◆ The task ◆
Within the material that follows, how many lines include the string "Autodesk"? Answer with the number and nothing more.
The records Block Start
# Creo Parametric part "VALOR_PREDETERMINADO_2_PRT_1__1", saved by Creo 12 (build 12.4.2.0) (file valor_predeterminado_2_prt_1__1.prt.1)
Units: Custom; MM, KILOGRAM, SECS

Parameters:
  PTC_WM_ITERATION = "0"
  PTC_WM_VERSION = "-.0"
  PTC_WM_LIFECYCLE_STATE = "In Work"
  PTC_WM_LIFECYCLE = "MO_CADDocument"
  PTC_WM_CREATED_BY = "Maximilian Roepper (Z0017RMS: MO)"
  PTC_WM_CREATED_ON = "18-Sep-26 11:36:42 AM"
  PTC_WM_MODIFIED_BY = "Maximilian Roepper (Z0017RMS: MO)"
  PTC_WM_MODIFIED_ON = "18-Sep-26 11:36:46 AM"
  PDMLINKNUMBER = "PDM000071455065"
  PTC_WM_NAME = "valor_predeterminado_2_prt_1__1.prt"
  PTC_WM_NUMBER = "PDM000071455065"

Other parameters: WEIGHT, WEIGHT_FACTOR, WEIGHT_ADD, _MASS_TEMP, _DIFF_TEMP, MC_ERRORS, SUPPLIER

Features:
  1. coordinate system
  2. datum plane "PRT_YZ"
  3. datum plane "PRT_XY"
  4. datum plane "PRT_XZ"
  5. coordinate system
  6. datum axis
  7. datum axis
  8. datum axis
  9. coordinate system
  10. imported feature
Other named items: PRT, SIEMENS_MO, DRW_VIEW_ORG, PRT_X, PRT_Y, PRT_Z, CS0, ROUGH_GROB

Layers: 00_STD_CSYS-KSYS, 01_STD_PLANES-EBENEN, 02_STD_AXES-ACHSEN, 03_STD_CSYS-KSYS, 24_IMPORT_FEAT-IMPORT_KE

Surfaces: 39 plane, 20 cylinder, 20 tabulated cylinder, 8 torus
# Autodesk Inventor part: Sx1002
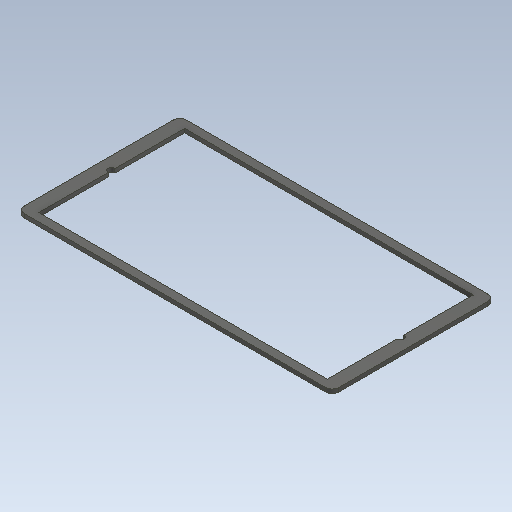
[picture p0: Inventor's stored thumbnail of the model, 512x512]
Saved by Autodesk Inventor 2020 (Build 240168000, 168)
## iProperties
Created: 2021-02
Part Number: Sx1002
Material: Generico
Document SubType Name: Modeling
Designer: zambolin
Density: 1 g/cm^3
Appearance: Default
Author: zambolin
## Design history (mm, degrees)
feature "Solido2"
node "Solido1"
The records Block End
◆ Exercise response ◆
2